*ACTIVITY*.
The copy you return should hold only the lines from the top of the data below through the line with "- j2.01 ohm", each duplicated exactly and with no pictures.

*RECORDS FOR THE EXERCISE*.
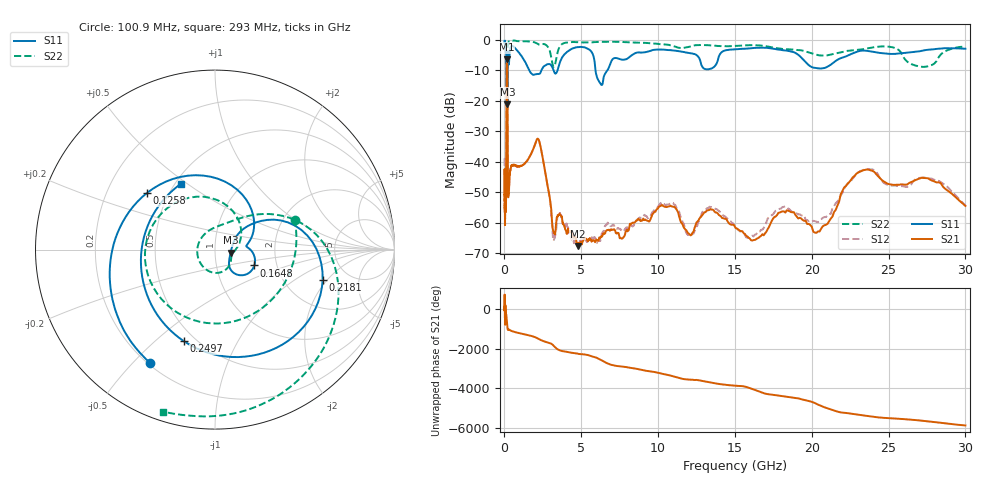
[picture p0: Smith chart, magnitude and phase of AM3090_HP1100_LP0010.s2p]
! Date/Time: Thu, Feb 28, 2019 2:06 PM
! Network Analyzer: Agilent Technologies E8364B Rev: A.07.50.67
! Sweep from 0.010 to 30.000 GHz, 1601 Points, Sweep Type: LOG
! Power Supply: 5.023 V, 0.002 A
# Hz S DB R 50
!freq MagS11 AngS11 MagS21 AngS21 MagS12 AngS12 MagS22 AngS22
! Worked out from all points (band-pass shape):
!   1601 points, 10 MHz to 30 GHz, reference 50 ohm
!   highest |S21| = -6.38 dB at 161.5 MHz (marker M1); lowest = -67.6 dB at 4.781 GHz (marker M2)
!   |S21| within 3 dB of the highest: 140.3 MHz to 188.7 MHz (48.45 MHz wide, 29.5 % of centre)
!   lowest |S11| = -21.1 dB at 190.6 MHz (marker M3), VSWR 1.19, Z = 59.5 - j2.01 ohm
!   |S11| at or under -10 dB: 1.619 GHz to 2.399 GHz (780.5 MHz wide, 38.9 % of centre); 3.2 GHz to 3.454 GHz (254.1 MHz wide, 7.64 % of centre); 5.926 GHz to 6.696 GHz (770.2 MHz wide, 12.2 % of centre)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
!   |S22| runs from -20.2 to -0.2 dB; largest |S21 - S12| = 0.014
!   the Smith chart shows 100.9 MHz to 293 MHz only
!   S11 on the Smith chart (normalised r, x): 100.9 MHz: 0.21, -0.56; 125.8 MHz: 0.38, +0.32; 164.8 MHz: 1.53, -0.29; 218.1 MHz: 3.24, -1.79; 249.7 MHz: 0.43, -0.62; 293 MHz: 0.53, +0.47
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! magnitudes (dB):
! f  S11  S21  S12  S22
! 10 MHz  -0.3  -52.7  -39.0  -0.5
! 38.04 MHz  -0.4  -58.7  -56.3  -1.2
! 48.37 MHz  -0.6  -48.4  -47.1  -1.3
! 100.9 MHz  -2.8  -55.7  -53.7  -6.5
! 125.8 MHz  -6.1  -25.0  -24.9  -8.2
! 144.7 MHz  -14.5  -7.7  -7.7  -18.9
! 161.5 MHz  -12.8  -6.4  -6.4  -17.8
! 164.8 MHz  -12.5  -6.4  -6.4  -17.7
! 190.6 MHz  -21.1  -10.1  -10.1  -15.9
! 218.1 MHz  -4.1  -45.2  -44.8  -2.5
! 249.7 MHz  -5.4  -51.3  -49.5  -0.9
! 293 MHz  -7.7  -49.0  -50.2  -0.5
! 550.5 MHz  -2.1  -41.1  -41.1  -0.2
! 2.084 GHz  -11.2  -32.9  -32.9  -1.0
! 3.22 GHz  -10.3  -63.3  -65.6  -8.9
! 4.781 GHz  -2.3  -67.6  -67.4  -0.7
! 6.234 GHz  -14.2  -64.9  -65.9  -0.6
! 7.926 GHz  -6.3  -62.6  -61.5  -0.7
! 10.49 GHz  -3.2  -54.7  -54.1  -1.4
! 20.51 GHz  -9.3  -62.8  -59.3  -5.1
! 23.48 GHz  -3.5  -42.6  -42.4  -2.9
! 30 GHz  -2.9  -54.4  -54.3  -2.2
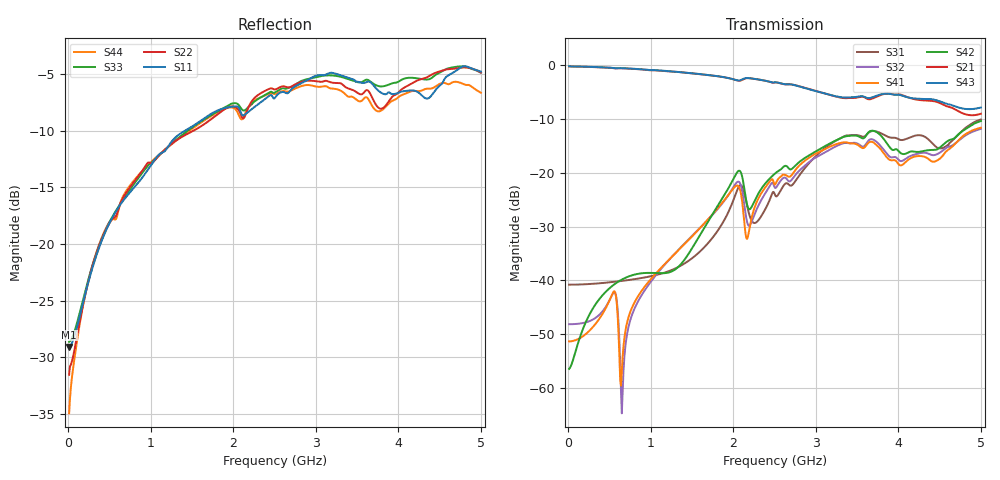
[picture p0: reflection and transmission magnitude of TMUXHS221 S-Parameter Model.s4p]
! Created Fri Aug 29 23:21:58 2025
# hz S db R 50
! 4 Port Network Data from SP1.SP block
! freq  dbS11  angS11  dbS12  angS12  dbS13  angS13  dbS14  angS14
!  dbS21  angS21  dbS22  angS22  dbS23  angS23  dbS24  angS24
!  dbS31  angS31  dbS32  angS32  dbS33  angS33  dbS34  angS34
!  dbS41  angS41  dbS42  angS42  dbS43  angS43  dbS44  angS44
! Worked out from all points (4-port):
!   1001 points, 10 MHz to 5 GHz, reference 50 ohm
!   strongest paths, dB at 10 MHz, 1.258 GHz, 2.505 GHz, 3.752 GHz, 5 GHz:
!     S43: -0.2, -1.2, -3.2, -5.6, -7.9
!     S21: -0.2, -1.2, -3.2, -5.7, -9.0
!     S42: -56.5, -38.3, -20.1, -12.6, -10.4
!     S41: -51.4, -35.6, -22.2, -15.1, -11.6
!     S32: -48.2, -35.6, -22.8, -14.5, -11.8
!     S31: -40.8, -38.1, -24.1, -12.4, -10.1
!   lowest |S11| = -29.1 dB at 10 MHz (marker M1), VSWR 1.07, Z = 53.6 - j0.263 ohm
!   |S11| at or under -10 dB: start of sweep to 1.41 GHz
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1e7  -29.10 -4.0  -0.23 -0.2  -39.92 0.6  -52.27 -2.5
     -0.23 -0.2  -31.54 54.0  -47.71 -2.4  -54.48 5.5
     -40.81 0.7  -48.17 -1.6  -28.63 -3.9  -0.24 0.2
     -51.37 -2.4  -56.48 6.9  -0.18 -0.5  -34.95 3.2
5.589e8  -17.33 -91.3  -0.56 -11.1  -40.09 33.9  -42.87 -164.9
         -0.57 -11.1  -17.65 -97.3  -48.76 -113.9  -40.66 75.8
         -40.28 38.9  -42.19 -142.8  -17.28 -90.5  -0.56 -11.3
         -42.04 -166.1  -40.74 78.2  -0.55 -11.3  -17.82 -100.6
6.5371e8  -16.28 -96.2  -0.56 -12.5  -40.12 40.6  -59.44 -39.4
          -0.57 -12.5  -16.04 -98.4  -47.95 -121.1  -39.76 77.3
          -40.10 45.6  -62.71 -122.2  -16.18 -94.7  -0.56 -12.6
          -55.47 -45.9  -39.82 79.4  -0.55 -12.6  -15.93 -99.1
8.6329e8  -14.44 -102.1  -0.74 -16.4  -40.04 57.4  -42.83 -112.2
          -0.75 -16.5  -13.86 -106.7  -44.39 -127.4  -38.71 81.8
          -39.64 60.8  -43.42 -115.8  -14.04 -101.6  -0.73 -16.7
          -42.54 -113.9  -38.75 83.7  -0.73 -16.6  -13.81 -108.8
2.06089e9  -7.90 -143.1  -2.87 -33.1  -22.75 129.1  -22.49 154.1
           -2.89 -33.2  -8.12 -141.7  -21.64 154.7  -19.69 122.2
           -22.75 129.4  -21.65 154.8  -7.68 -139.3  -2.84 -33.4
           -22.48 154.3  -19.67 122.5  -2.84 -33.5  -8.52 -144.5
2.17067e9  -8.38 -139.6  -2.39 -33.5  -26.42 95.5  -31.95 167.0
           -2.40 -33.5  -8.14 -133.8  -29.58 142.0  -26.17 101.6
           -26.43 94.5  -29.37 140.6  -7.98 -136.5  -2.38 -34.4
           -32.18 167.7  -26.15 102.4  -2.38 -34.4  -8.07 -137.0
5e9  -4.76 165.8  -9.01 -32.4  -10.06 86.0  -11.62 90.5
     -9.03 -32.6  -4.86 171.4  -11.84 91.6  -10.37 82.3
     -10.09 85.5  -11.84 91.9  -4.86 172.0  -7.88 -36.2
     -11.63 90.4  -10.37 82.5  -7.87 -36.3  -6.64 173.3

*TASK ANSWER*.
[picture p0: Smith chart, magnitude and phase of AM3090_HP1100_LP0010.s2p]
! Date/Time: Thu, Feb 28, 2019 2:06 PM
! Network Analyzer: Agilent Technologies E8364B Rev: A.07.50.67
! Sweep from 0.010 to 30.000 GHz, 1601 Points, Sweep Type: LOG
! Power Supply: 5.023 V, 0.002 A
# Hz S DB R 50
!freq MagS11 AngS11 MagS21 AngS21 MagS12 AngS12 MagS22 AngS22
! Worked out from all points (band-pass shape):
!   1601 points, 10 MHz to 30 GHz, reference 50 ohm
!   highest |S21| = -6.38 dB at 161.5 MHz (marker M1); lowest = -67.6 dB at 4.781 GHz (marker M2)
!   |S21| within 3 dB of the highest: 140.3 MHz to 188.7 MHz (48.45 MHz wide, 29.5 % of centre)
!   lowest |S11| = -21.1 dB at 190.6 MHz (marker M3), VSWR 1.19, Z = 59.5 - j2.01 ohm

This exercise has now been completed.